There are situations where access to the raw data by operators would be useful. This includes validating consistency, performing specific home-grown quality checks, and generating custom reports. Direct access to the database can be provided by your administrator. Standalone programs such as SQL Server Management Studio can be used to directly query the database; and, if your institution uses a statistical package such as SAS or SPSS, these can also access the data directly, with LinXmart database tables appearing as datasets within these products.

Part 3 – Data Extraction

Now that we have linked two datasets, we are going to extract data from the system.

LinXmart has been built to service researchers with linked data. To do this, a method of extracting linked data information (i.e. linkage maps) has been built into LinXmart. LinXmart maintains a complete historical record of all data, allowing linkage maps to be extracted consistently at specific points in time. This is achieved through Extraction Projects which will extract linkage maps as they were at the date and time the Extraction Project was created.

In LinXmart an Extraction Project is defined within a Linkage Project. A Linkage Project (a container for linking data sets) can have multiple Extraction Projects.

Now we are going to create an Extraction Project.

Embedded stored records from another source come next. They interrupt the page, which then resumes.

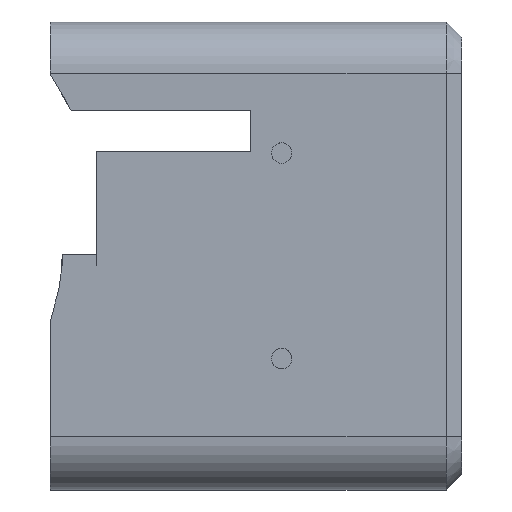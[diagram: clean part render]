
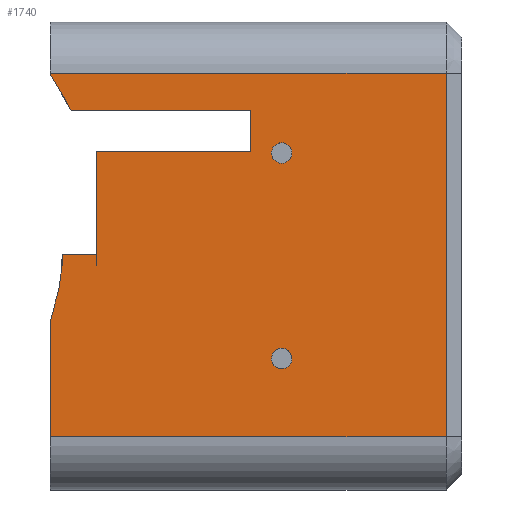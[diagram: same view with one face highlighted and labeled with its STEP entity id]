
A CAD part, top view. The second image highlights one B-rep face of the part: STEP entity #1740.
In plain terms, the highlighted planar face has unit normal (0, 0, 1).
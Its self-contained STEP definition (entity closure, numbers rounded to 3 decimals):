
#1009=CARTESIAN_POINT('Vertex',(77.,35.5,19.5)) ;
#1012=CARTESIAN_POINT('Line Origine',(77.,0.16,19.5)) ;
#1016=CARTESIAN_POINT('Vertex',(77.,-35.179,19.5)) ;
#1604=CARTESIAN_POINT('Axis2P3D Location',(0.,-35.179,19.5)) ;
#1609=CARTESIAN_POINT('Line Origine',(38.5,35.5,19.5)) ;
#1613=CARTESIAN_POINT('Vertex',(0.,35.5,19.5)) ;
#1616=CARTESIAN_POINT('Line Origine',(0.,35.417,19.5)) ;
#1620=CARTESIAN_POINT('Vertex',(0.,35.335,19.5)) ;
#1623=CARTESIAN_POINT('Line Origine',(2.021,31.835,19.5)) ;
#1627=CARTESIAN_POINT('Vertex',(4.041,28.335,19.5)) ;
#1630=CARTESIAN_POINT('Line Origine',(21.521,28.335,19.5)) ;
#1634=CARTESIAN_POINT('Vertex',(39.,28.335,19.5)) ;
#1637=CARTESIAN_POINT('Line Origine',(39.,24.335,19.5)) ;
#1641=CARTESIAN_POINT('Vertex',(39.,20.335,19.5)) ;
#1644=CARTESIAN_POINT('Line Origine',(24.,20.335,19.5)) ;
#1648=CARTESIAN_POINT('Vertex',(9.,20.335,19.5)) ;
#1651=CARTESIAN_POINT('Line Origine',(9.,10.335,19.5)) ;
#1655=CARTESIAN_POINT('Vertex',(9.,0.335,19.5)) ;
#1658=CARTESIAN_POINT('Line Origine',(5.655,0.335,19.5)) ;
#1662=CARTESIAN_POINT('Vertex',(2.309,0.335,19.5)) ;
#1666=CARTESIAN_POINT('Control Point',(0.,-12.78,19.5)) ;
#1667=CARTESIAN_POINT('Control Point',(0.509,-11.202,19.5)) ;
#1668=CARTESIAN_POINT('Control Point',(0.924,-9.749,19.5)) ;
#1669=CARTESIAN_POINT('Control Point',(1.263,-8.39,19.5)) ;
#1670=CARTESIAN_POINT('Control Point',(1.829,-5.732,19.5)) ;
#1671=CARTESIAN_POINT('Control Point',(2.148,-3.294,19.5)) ;
#1672=CARTESIAN_POINT('Control Point',(2.256,-2.073,19.5)) ;
#1673=CARTESIAN_POINT('Control Point',(2.309,-0.869,19.5)) ;
#1674=CARTESIAN_POINT('Control Point',(2.309,0.335,19.5)) ;
#1675=CARTESIAN_POINT('Vertex',(0.,-12.78,19.5)) ;
#1678=CARTESIAN_POINT('Line Origine',(0.,-23.98,19.5)) ;
#1682=CARTESIAN_POINT('Vertex',(0.,-35.179,19.5)) ;
#1685=CARTESIAN_POINT('Line Origine',(38.5,-35.179,19.5)) ;
#1704=CARTESIAN_POINT('Axis2P3D Location',(45.,20.,19.5)) ;
#1708=CARTESIAN_POINT('Vertex',(43.,20.,19.5)) ;
#1710=CARTESIAN_POINT('Vertex',(47.,20.,19.5)) ;
#1713=CARTESIAN_POINT('Axis2P3D Location',(45.,20.,19.5)) ;
#1722=CARTESIAN_POINT('Axis2P3D Location',(45.,-20.,19.5)) ;
#1726=CARTESIAN_POINT('Vertex',(47.,-20.,19.5)) ;
#1728=CARTESIAN_POINT('Vertex',(43.,-20.,19.5)) ;
#1731=CARTESIAN_POINT('Axis2P3D Location',(45.,-20.,19.5)) ;
#1013=DIRECTION('Vector Direction',(0.,1.,0.)) ;
#1605=DIRECTION('Axis2P3D Direction',(0.,0.,-1.)) ;
#1606=DIRECTION('Axis2P3D XDirection',(0.,1.,0.)) ;
#1610=DIRECTION('Vector Direction',(1.,0.,0.)) ;
#1617=DIRECTION('Vector Direction',(0.,1.,0.)) ;
#1624=DIRECTION('Vector Direction',(-0.5,0.866,0.)) ;
#1631=DIRECTION('Vector Direction',(1.,0.,0.)) ;
#1638=DIRECTION('Vector Direction',(0.,1.,0.)) ;
#1645=DIRECTION('Vector Direction',(1.,0.,0.)) ;
#1652=DIRECTION('Vector Direction',(0.,-1.,0.)) ;
#1659=DIRECTION('Vector Direction',(1.,0.,0.)) ;
#1679=DIRECTION('Vector Direction',(0.,1.,0.)) ;
#1686=DIRECTION('Vector Direction',(1.,0.,0.)) ;
#1705=DIRECTION('Axis2P3D Direction',(0.,0.,-1.)) ;
#1714=DIRECTION('Axis2P3D Direction',(0.,0.,-1.)) ;
#1723=DIRECTION('Axis2P3D Direction',(0.,0.,-1.)) ;
#1732=DIRECTION('Axis2P3D Direction',(0.,0.,-1.)) ;
#1607=AXIS2_PLACEMENT_3D('Plane Axis2P3D',#1604,#1605,#1606) ;
#1706=AXIS2_PLACEMENT_3D('Circle Axis2P3D',#1704,#1705,$) ;
#1715=AXIS2_PLACEMENT_3D('Circle Axis2P3D',#1713,#1714,$) ;
#1724=AXIS2_PLACEMENT_3D('Circle Axis2P3D',#1722,#1723,$) ;
#1733=AXIS2_PLACEMENT_3D('Circle Axis2P3D',#1731,#1732,$) ;
#1691=ORIENTED_EDGE('',*,*,#1018,.F.) ;
#1692=ORIENTED_EDGE('',*,*,#1615,.F.) ;
#1693=ORIENTED_EDGE('',*,*,#1622,.T.) ;
#1694=ORIENTED_EDGE('',*,*,#1629,.F.) ;
#1695=ORIENTED_EDGE('',*,*,#1636,.T.) ;
#1696=ORIENTED_EDGE('',*,*,#1643,.T.) ;
#1697=ORIENTED_EDGE('',*,*,#1650,.F.) ;
#1698=ORIENTED_EDGE('',*,*,#1657,.T.) ;
#1699=ORIENTED_EDGE('',*,*,#1664,.F.) ;
#1700=ORIENTED_EDGE('',*,*,#1677,.F.) ;
#1701=ORIENTED_EDGE('',*,*,#1684,.T.) ;
#1702=ORIENTED_EDGE('',*,*,#1689,.T.) ;
#1719=ORIENTED_EDGE('',*,*,#1712,.F.) ;
#1720=ORIENTED_EDGE('',*,*,#1717,.F.) ;
#1737=ORIENTED_EDGE('',*,*,#1730,.F.) ;
#1738=ORIENTED_EDGE('',*,*,#1735,.F.) ;
#1721=FACE_BOUND('',#1718,.T.) ;
#1739=FACE_BOUND('',#1736,.T.) ;
#1014=VECTOR('Line Direction',#1013,1.) ;
#1611=VECTOR('Line Direction',#1610,1.) ;
#1618=VECTOR('Line Direction',#1617,1.) ;
#1625=VECTOR('Line Direction',#1624,1.) ;
#1632=VECTOR('Line Direction',#1631,1.) ;
#1639=VECTOR('Line Direction',#1638,1.) ;
#1646=VECTOR('Line Direction',#1645,1.) ;
#1653=VECTOR('Line Direction',#1652,1.) ;
#1660=VECTOR('Line Direction',#1659,1.) ;
#1680=VECTOR('Line Direction',#1679,1.) ;
#1687=VECTOR('Line Direction',#1686,1.) ;
#1740=ADVANCED_FACE('PartBody',(#1703,#1721,#1739),#1608,.F.) ;
#1665=B_SPLINE_CURVE_WITH_KNOTS('',5,(#1666,#1667,#1668,#1669,#1670,#1671,#1672,#1673,#1674),.UNSPECIFIED.,.F.,.U.,(6,3,6),(0.,29.52,60.97),.UNSPECIFIED.) ;
#1707=CIRCLE('generated circle',#1706,2.) ;
#1716=CIRCLE('generated circle',#1715,2.) ;
#1725=CIRCLE('generated circle',#1724,2.) ;
#1734=CIRCLE('generated circle',#1733,2.) ;
#1018=EDGE_CURVE('',#1010,#1017,#1015,.F.) ;
#1615=EDGE_CURVE('',#1614,#1010,#1612,.T.) ;
#1622=EDGE_CURVE('',#1614,#1621,#1619,.F.) ;
#1629=EDGE_CURVE('',#1628,#1621,#1626,.T.) ;
#1636=EDGE_CURVE('',#1628,#1635,#1633,.T.) ;
#1643=EDGE_CURVE('',#1635,#1642,#1640,.F.) ;
#1650=EDGE_CURVE('',#1649,#1642,#1647,.T.) ;
#1657=EDGE_CURVE('',#1649,#1656,#1654,.T.) ;
#1664=EDGE_CURVE('',#1663,#1656,#1661,.T.) ;
#1677=EDGE_CURVE('',#1676,#1663,#1665,.T.) ;
#1684=EDGE_CURVE('',#1676,#1683,#1681,.F.) ;
#1689=EDGE_CURVE('',#1683,#1017,#1688,.T.) ;
#1712=EDGE_CURVE('',#1709,#1711,#1707,.F.) ;
#1717=EDGE_CURVE('',#1711,#1709,#1716,.F.) ;
#1730=EDGE_CURVE('',#1727,#1729,#1725,.F.) ;
#1735=EDGE_CURVE('',#1729,#1727,#1734,.F.) ;
#1690=EDGE_LOOP('',(#1691,#1692,#1693,#1694,#1695,#1696,#1697,#1698,#1699,#1700,#1701,#1702)) ;
#1718=EDGE_LOOP('',(#1719,#1720)) ;
#1736=EDGE_LOOP('',(#1737,#1738)) ;
#1703=FACE_OUTER_BOUND('',#1690,.T.) ;
#1015=LINE('Line',#1012,#1014) ;
#1612=LINE('Line',#1609,#1611) ;
#1619=LINE('Line',#1616,#1618) ;
#1626=LINE('Line',#1623,#1625) ;
#1633=LINE('Line',#1630,#1632) ;
#1640=LINE('Line',#1637,#1639) ;
#1647=LINE('Line',#1644,#1646) ;
#1654=LINE('Line',#1651,#1653) ;
#1661=LINE('Line',#1658,#1660) ;
#1681=LINE('Line',#1678,#1680) ;
#1688=LINE('Line',#1685,#1687) ;
#1608=PLANE('',#1607) ;
#1010=VERTEX_POINT('',#1009) ;
#1017=VERTEX_POINT('',#1016) ;
#1614=VERTEX_POINT('',#1613) ;
#1621=VERTEX_POINT('',#1620) ;
#1628=VERTEX_POINT('',#1627) ;
#1635=VERTEX_POINT('',#1634) ;
#1642=VERTEX_POINT('',#1641) ;
#1649=VERTEX_POINT('',#1648) ;
#1656=VERTEX_POINT('',#1655) ;
#1663=VERTEX_POINT('',#1662) ;
#1676=VERTEX_POINT('',#1675) ;
#1683=VERTEX_POINT('',#1682) ;
#1709=VERTEX_POINT('',#1708) ;
#1711=VERTEX_POINT('',#1710) ;
#1727=VERTEX_POINT('',#1726) ;
#1729=VERTEX_POINT('',#1728) ;

Creating an Extraction Project

Step 1: Click on the PROJECTS tab on the LinXmart web interface. Then click View Details on the Tutorial as before. Next click Add Extraction Project near the bottom of the screen. Then type in the details below, and click Save.

Add Extraction Project

Data can be extracted using this Extraction Project at any time. As we have not specified 'enduring' linkage keys, even if additional datasets are added to the Linkage Project, any requested extractions that refer to this Extraction Project will revert back to how the linkage map looked at the moment this Extraction Project was created - a snapshot of the linkage map. If you were to specify the Extraction Project to use 'enduring' linkage keys, they would be consistent across the life of the Linkage Project.

Requesting the linkage map

Step 2: Click on the Request New Data Extraction link at the bottom of the Extraction Project page. You are shown a list of Event Types that have been attached to the Linkage Project. While you can request the linkage map for all data at once, the extraction results are separated based on Event Type and will be available in different files.

Step 3: Select the checkboxes next to each Event Type, then click the Request button.

Request Data Extraction

This will add a job to the queue for the extraction of each Event Type selected. You can see the progress of these on the All Jobs page. When the jobs are completed, the Extraction Project Details page will display the results in a table.

Extraction Project

Step 4: Click the Download Results button in the Options column of one of the extraction results. Open the downloaded zip file and view the file named data-extract.csv.

Inside this file, you will see five columns. The first column is the linkage project code – in this case, it will be Tutorial. The second column is the unique record identifier. These are the same identifiers found in the file that was originally loaded into LinXmart. The fourth column is the generated person identifier created by LinXmart. LinXmart does not release the person identifiers used internally within the system. Instead, LinXmart gives out different person identifiers for each Extraction Project. This provides an additional layer of security, allowing only recipients of linkage maps from the same Extraction Project to join their datasets together. The fifth column is only applicable for Project to Project linkages and can be ignored for now.

info

This concludes the Tutorial – you have just linked your first datasets with LinXmart. Well done!